RFU cancels the 1st R and ends R2
RUB replaces the 1st R with an R' and ends R'
RBD starts R2 and cancels the last R

You are not setting up to RDF.


----------



## Rainbow Flash (Dec 15, 2014)

Stefan said:


> Both are ok, just use what works best for you. Originally, RDF was the only target, chosen because I didn't want to do the extra Fs and because being as far away as possible from the buffer gives you lots of freedom, which leads to short setup moves. Also, as cube-o-holic mentioned, the R-targets are nice. For example, I don't see R as a setup turn at all - it's perfectly integrated into the alg (starting R becomes R2, ending R gets removed) and becomes just another alg (that I get for free because I already know it). I guess badmephisto changed it to URF+UBR+UFL because that's more targets, because it's consistent with the edges part (using three PLLs) and because PLL might seem "cleaner" and be easier for beginners. But I'm just speculating.
> 
> Or maybe I misremember history and it was the PLL Y-perm at first and I only switched to RDF later, when I wrote that page? Either way, just minor variations, just use what you like best.

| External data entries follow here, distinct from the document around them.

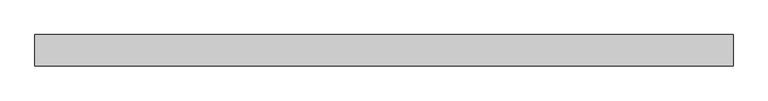
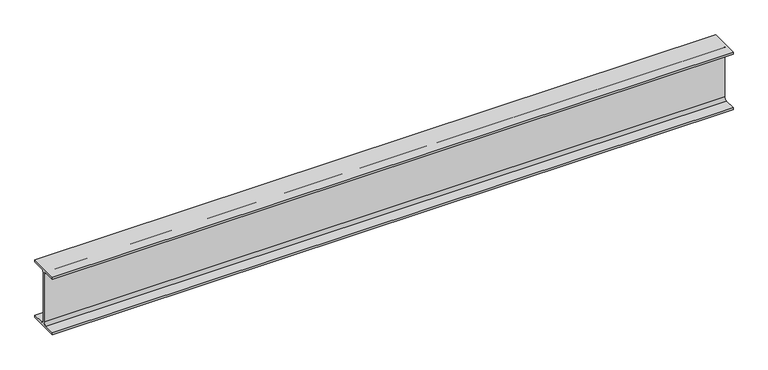
"""IFC4 building model written with IfcOpenShell, lengths in millimetres: beam geometry, 0912_Steel Framing_H-KSD3502 : H_SB_ASB_H-250x125x6x9."""

from ifc_helpers import new_model, si_unit, point, frame, frame_2d, origin, place, context, project, spatial, polyline, circle_curve, trimmed, segment, composite_curve, outline, extrude, source, transform, mapped, element, save


def beam_4887c4f3(model_context):
    return source(origin(), model_context, "Body", "SweptSolid", [
        extrude(outline(composite_curve([segment(polyline([(62.5, -116.0), (62.5, -125.0), (-62.5, -125.0), (-62.5, -116.0), (-15.0, -116.0)]), True, "CONTINUOUS"), segment(trimmed(circle_curve(frame_2d((-15.0, -104.0)), 12.0), [point((-15.0, -116.0))], [point((-3.0, -104.0))], True, "CARTESIAN"), True, "CONTINUOUS"), segment(polyline([(-3.0, -104.0), (-3.0, 104.0)]), True, "CONTINUOUS"), segment(trimmed(circle_curve(frame_2d((-15.0, 104.0)), 12.0), [point((-3.0, 104.0))], [point((-15.0, 116.0))], True, "CARTESIAN"), True, "CONTINUOUS"), segment(polyline([(-15.0, 116.0), (-62.5, 116.0), (-62.5, 125.0), (62.5, 125.0), (62.5, 116.0), (15.0, 116.0)]), True, "CONTINUOUS"), segment(trimmed(circle_curve(frame_2d((15.0, 104.0)), 12.0), [point((15.0, 116.0))], [point((3.0, 104.0))], True, "CARTESIAN"), True, "CONTINUOUS"), segment(polyline([(3.0, 104.0), (3.0, -104.0)]), True, "CONTINUOUS"), segment(trimmed(circle_curve(frame_2d((15.0, -104.0)), 12.0), [point((3.0, -104.0))], [point((15.0, -116.0))], True, "CARTESIAN"), True, "CONTINUOUS"), segment(polyline([(15.0, -116.0), (62.5, -116.0)]), True, "CONTINUOUS")], self_intersect=False)), frame((-1382.298157, 0.0, 0.0), z_axis=(1.0, 0.0, 0.0), x_axis=(0.0, 1.0, 0.0)), (0.0, 0.0, 1.0), 2794.5982),
    ])


if __name__ == "__main__":
    model = new_model("IFC4")
    model_context = context("Model", 3, world=origin())
    ifc_project = project(units=[si_unit("LENGTHUNIT", "METRE", prefix="MILLI")], contexts=[model_context])
    site = spatial("IfcSite", under=ifc_project)
    building = spatial("IfcBuilding", under=site)
    placement = place(None, origin())
    beam_shape = beam_4887c4f3(model_context)
    element("IfcBeam", 1, ObjectType="0912_Steel Framing_H-KSD3502 : H_SB_ASB_H-250x125x6x9", at=placement, inside=building, context=model_context, shape_type="MappedRepresentation", body=[
        mapped(beam_shape, transform((0.0, 0.0, 0.0), x_axis=(1.0, 0.0, 0.0), y_axis=(0.0, 1.0, 0.0), z_axis=(0.0, 0.0, 1.0))),
    ])
    save(model, "model.ifc")

# Revit data of these elements
# Type "0912_Steel Framing_H-KSD3502 : H_SB_ASB_H-250x125x6x9"
#   H_WM Code_1 = "S01AA003-00001 | Main Steel Structure Fabrication Work | Shelter/Building | Light Steel - Standard (30KG/M>Weight) | Material: (   )"
#   H_WM Code_2 = "S03AA029-00001 | Main Steel Structure Erection Work | Shelter/Building | Light Steel (30KG/M>Weight) | Material: (   )"
#   H_WM Code_3 = "S01AA010-00001 | Main Steel Structure Fabrication Work | Shelter/Building | Steel Painting/Coating | for Non-Fireproofed Steel Surface, Surface Preparation, Primer, Second & Final Coat | Material: (   )"
#   H_Q'ty Cal Type Tag = "SB-Q2"
#   Width = 12.5 cm
#   Web Thickness = 0.6 cm
#   Web Fillet = 1.2 cm
#   Warping Constant = 42539.8 cm⁶
#   W = 0
#   Torsional Moment of Inertia = 7.8102 cm⁴
#   Section Area = 37.66 cm²
#   Plastic Modulus weak axis = 73.1 cm³
#   Plastic Modulus strong axis = 366.0 cm³
#   Perimeter = 0.97 m²/m
#   Nominal Weight = 29.60 kgf/m
#   Moment of Inertia weak axis = 294.00 cm⁴
#   Moment of Inertia strong axis = 4050.00 cm⁴
#   Height = 25.0 cm
#   Flange Thickness = 0.9 cm
#   Elastic Modulus weak axis = 47.0 cm³
#   Elastic Modulus strong axis = 324.0 cm³
#   Centroid Vertical = 12.5 cm
#   Centroid Horizontal = 6.25 cm
#   Ix = 40500000
#   Length [instance default] = 1.5240 m
#   Zx = 366000
#   b = 0.1250 m
#   h = 0.2500 m
#   r = 0.0120 m
#   s = 0.0060 m
#   t = 0.0090 m
#   A = 0.003766 m²
#   Structural Material [instance default] = Steel, 45-345
#   Assembly Code = ""
# Element 1 (IfcBeam, "0912_Steel Framing_H-KSD3502 : H_SB_ASB_H-250x125x6x9")
#   Structural Material = none
# Materials
#   "Steel, 45-345": class "Metal", colour RGB 189 187 185, transparency 0, Description = "Steel 345 MPa", Cost = 0
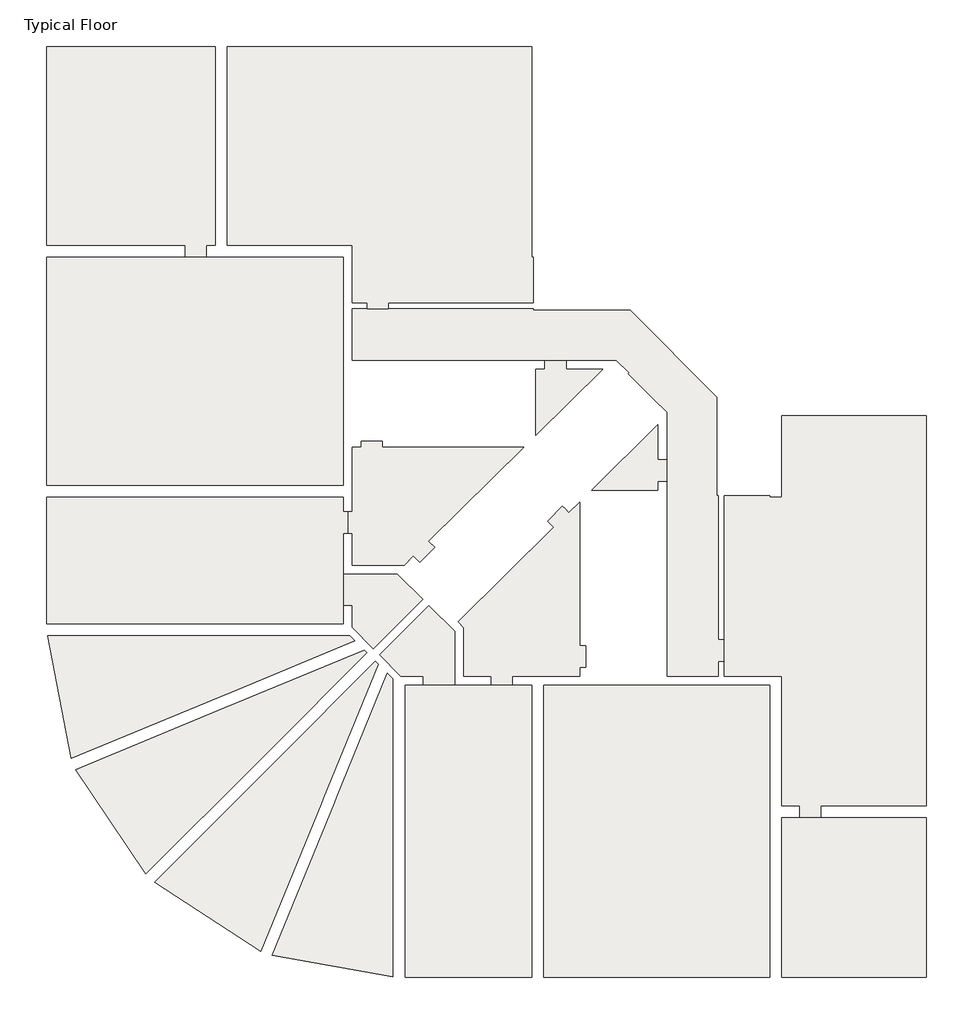
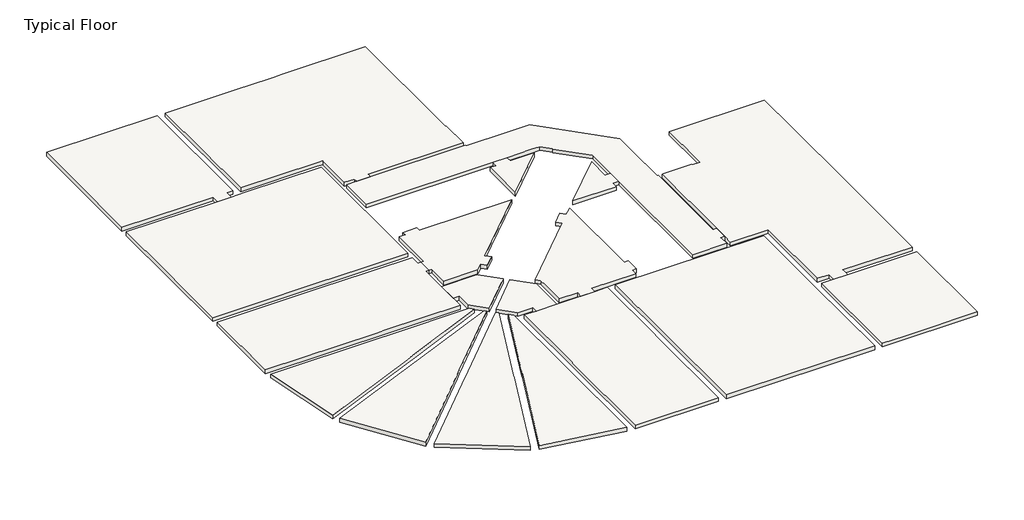
# One storey: 19 slabs.
"""IFC4 building model written with IfcOpenShell, lengths in millimetres."""

from ifc_helpers import new_model, si_unit, frame, origin, place, context, project, spatial, polyline, outline, extrude, faceted_brep, element, save

model = new_model("IFC4")

# Units and contexts
model_context = context("Model", 3, world=origin())
ifc_project = project(units=[si_unit("LENGTHUNIT", "METRE", prefix="MILLI")], contexts=[model_context])

# Site, building, storey
site = spatial("IfcSite", under=ifc_project)
building = spatial("IfcBuilding", under=site)
storey = spatial("IfcBuildingStorey", under=building, Name="Typical Floor", Elevation=3000.0)

# Slabs
placement = place(None, origin())
element("IfcSlab", 1, ObjectType="20", at=placement, inside=storey, context=model_context, shape_type="Brep", body=[
    faceted_brep([(-4461.7067397, 17456.8664083, 2800.0), (-4461.7067397, 9912.1590026, 2800.0), (-14296.6369988, 9912.1590026, 2800.0), (-14296.6369988, 17456.8664083, 2800.0), (-9693.3146493, 17456.8664083, 2800.0), (-9006.7279431, 17456.8664083, 2800.0), (-4461.7067397, 17456.8664083, 3000.0), (-8305.861308, 17456.8664083, 3000.0), (-9006.7279431, 17456.8664083, 3000.0), (-9693.3146493, 17456.8664083, 3000.0), (-14296.6369988, 17456.8664083, 3000.0), (-14296.6369988, 14107.3138675, 3000.0), (-14296.6369988, 13707.3138675, 3000.0), (-14296.6369988, 9912.1590026, 3000.0), (-8707.7294598, 9912.1590026, 3000.0), (-8307.7294598, 9912.1590026, 3000.0), (-4461.7067397, 9912.1590026, 3000.0)], [[[0, 1, 2, 3, 4, 5]], [[6, 7, 8, 9, 10, 11, 12, 13, 14, 15, 16]], [[1, 0, 6, 16]], [[2, 1, 16, 15, 14, 13]], [[3, 2, 13, 12, 11, 10]], [[0, 5, 4, 3, 10, 9, 8, 7, 6]]]),
])
element("IfcSlab", 2, ObjectType="20", at=placement, inside=storey, context=model_context, shape_type="SweptSolid", body=[
    extrude(outline(polyline([(-8705.861308, 24444.3058567), (-8705.861308, 17856.8664083), (-9006.7279431, 17856.8664083), (-9006.7279431, 17456.8664083), (-9693.3146493, 17456.8664083), (-9693.3146493, 17856.8664083), (-14296.6369988, 17856.8664083), (-14296.6369988, 24444.3058567), (-8705.861308, 24444.3058567)])), frame((0.0, 0.0, 2800.0), z_axis=(0.0, 0.0, 1.0), x_axis=(1.0, 0.0, 0.0)), (0.0, 0.0, 1.0), 200.0),
])
element("IfcSlab", 3, ObjectType="20", at=placement, inside=storey, context=model_context, shape_type="Brep", body=[
    faceted_brep([(1779.020722, 24445.393344, 2800.0), (1779.020722, 17856.8664083, 2800.0), (1779.020722, 17853.6134053, 2800.0), (1779.020722, 17453.6134053, 2800.0), (1829.020722, 17453.6134053, 2800.0), (1829.020722, 15961.3377606, 2800.0), (-2964.398431, 15961.3377606, 2800.0), (-2964.398431, 15761.3377606, 2800.0), (-3665.2660617, 15761.3377606, 2800.0), (-3665.2660617, 15961.3377606, 2800.0), (-4161.7067397, 15961.3377606, 2800.0), (-4161.7067397, 17856.8664083, 2800.0), (-4461.7067397, 17856.8664083, 2800.0), (-8305.861308, 17856.8664083, 2800.0), (-8305.861308, 24445.393344, 2800.0), (1779.020722, 17856.8664083, 3000.0), (1779.020722, 24445.393344, 3000.0), (-2413.8658054, 24445.393344, 3000.0), (-2813.8658054, 24445.393344, 3000.0), (-4118.3634455, 24445.393344, 3000.0), (-4518.3634455, 24445.393344, 3000.0), (-8305.861308, 24445.393344, 3000.0), (-8305.861308, 24444.3058567, 3000.0), (-8305.861308, 17856.8664083, 3000.0), (-4461.7067397, 17856.8664083, 3000.0), (-4161.7067397, 17856.8664083, 3000.0), (-4161.7067397, 15961.3377606, 3000.0), (-3665.2660617, 15961.3377606, 3000.0), (-3665.2660617, 15761.3377606, 3000.0), (-2964.398431, 15761.3377606, 3000.0), (-2964.398431, 15961.3377606, 3000.0), (1829.020722, 15961.3377606, 3000.0), (1829.020722, 16003.9996895, 3000.0), (1829.020722, 17453.6134053, 3000.0), (1779.020722, 17453.6134053, 3000.0), (1779.020722, 17853.6134053, 3000.0)], [[[0, 1, 2, 3, 4, 5, 6, 7, 8, 9, 10, 11, 12, 13, 14]], [[15, 16, 17, 18, 19, 20, 21, 22, 23, 24, 25, 26, 27, 28, 29, 30, 31, 32, 33, 34, 35]], [[1, 0, 16, 15]], [[1, 15, 35, 34, 3, 2]], [[4, 3, 34, 33]], [[5, 4, 33, 32, 31]], [[6, 5, 31, 30]], [[7, 6, 30, 29]], [[8, 7, 29, 28]], [[9, 8, 28, 27]], [[10, 9, 27, 26]], [[11, 10, 26, 25]], [[11, 25, 24, 23, 13, 12]], [[14, 13, 23, 22, 21]], [[0, 14, 21, 20, 19, 18, 17, 16]]]),
])
element("IfcSlab", 4, ObjectType="20", at=placement, inside=storey, context=model_context, shape_type="Brep", body=[
    faceted_brep([(-14296.6369988, 5319.511412, 2800.0), (-14296.6369988, 9512.1590026, 2800.0), (-4461.7067397, 9512.1590026, 2800.0), (-4461.7067397, 9032.3032318, 2800.0), (-4317.7621118, 9032.3032318, 2800.0), (-4317.7621118, 8319.3213117, 2800.0), (-4467.7621118, 8319.3213117, 2800.0), (-4467.7621118, 7259.3213117, 2800.0), (-4467.7621118, 6959.3213117, 2800.0), (-4467.7621118, 5921.5426188, 2800.0), (-4467.7621118, 5491.5426188, 2800.0), (-4467.7621118, 5319.511412, 2800.0), (-14296.6369988, 9512.1590026, 3000.0), (-14296.6369988, 5319.511412, 3000.0), (-8707.7294598, 5319.511412, 3000.0), (-8307.7294598, 5319.511412, 3000.0), (-4467.7621118, 5319.511412, 3000.0), (-4467.7621118, 5491.5426188, 3000.0), (-4467.7621118, 5921.5426188, 3000.0), (-4467.7621118, 6959.3213117, 3000.0), (-4467.7621118, 7259.3213117, 3000.0), (-4467.7621118, 8319.3213117, 3000.0), (-4317.7621118, 8319.3213117, 3000.0), (-4317.7621118, 9032.3032318, 3000.0), (-4461.7067397, 9032.3032318, 3000.0), (-4461.7067397, 9512.1590026, 3000.0), (-8307.7294598, 9512.1590026, 3000.0), (-8707.7294598, 9512.1590026, 3000.0)], [[[0, 1, 2, 3, 4, 5, 6, 7, 8, 9, 10, 11]], [[12, 13, 14, 15, 16, 17, 18, 19, 20, 21, 22, 23, 24, 25, 26, 27]], [[1, 0, 13, 12]], [[2, 1, 12, 27, 26, 25]], [[3, 2, 25, 24]], [[4, 3, 24, 23]], [[5, 4, 23, 22]], [[6, 5, 22, 21]], [[6, 21, 20, 19, 18, 9, 8, 7]], [[9, 18, 17, 16, 11, 10]], [[0, 11, 16, 15, 14, 13]]]),
])
element("IfcSlab", 5, ObjectType="20", at=placement, inside=storey, context=model_context, shape_type="Brep", body=[
    faceted_brep([(-4249.2842956, 4919.511412, 2800.0), (-4077.2097101, 4747.4368266, 2800.0), (-8177.5148344, 3048.7578016, 2800.0), (-8547.0578193, 2895.6631176, 2800.0), (-13484.0892311, 850.3441838, 2800.0), (-14261.3814687, 4919.511412, 2800.0), (-4077.2097101, 4747.4368266, 3000.0), (-4249.2842956, 4919.511412, 3000.0), (-8307.7294598, 4919.511412, 3000.0), (-8707.7294598, 4919.511412, 3000.0), (-14261.3814687, 4919.511412, 3000.0), (-13484.0892311, 850.3441838, 3000.0), (-8547.0578193, 2895.6631176, 3000.0), (-8177.5148344, 3048.7578016, 3000.0)], [[[0, 1, 2, 3, 4, 5]], [[6, 7, 8, 9, 10, 11, 12, 13]], [[1, 0, 7, 6]], [[1, 6, 13, 12, 11, 4, 3, 2]], [[5, 4, 11, 10]], [[0, 5, 10, 9, 8, 7]]]),
])
element("IfcSlab", 6, ObjectType="20", at=placement, inside=storey, context=model_context, shape_type="Brep", body=[
    faceted_brep([(-11001.7177394, -2970.8920309, 2800.0), (-13331.7826338, 480.4747094, 2800.0), (-8393.9631353, 2526.1201326, 2800.0), (-8024.4201504, 2679.2148167, 2800.0), (-3771.0702765, 4441.2973929, 2800.0), (-3680.299296, 4350.5264125, 2800.0), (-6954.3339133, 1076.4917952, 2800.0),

Ah thanks. Nice to get info from the big man himself.


----------



## Rainbow Flash (Dec 15, 2014)

cube-o-holic said:


> RFU cancels the 1st R and ends R2
> RUB replaces the 1st R with an R' and ends R'
> RBD starts R2 and cancels the last R
> 
> You are not setting up to RDF.



No, they're not technically set-up moves but that's just how I like to think of them. Makes it simpler for me.


----------



## ~Adam~ (Dec 15, 2014)

Rainbow Flash said:


> No, they're not technically set-up moves but that's just how I like to think of them. Makes it simpler for me.



I suppose you are setting up to the 3rd move of Y perm.


----------



## Rainbow Flash (Dec 15, 2014)

cube-o-holic said:


> I suppose you are setting up to the 3rd move of Y perm.



Yep.


----------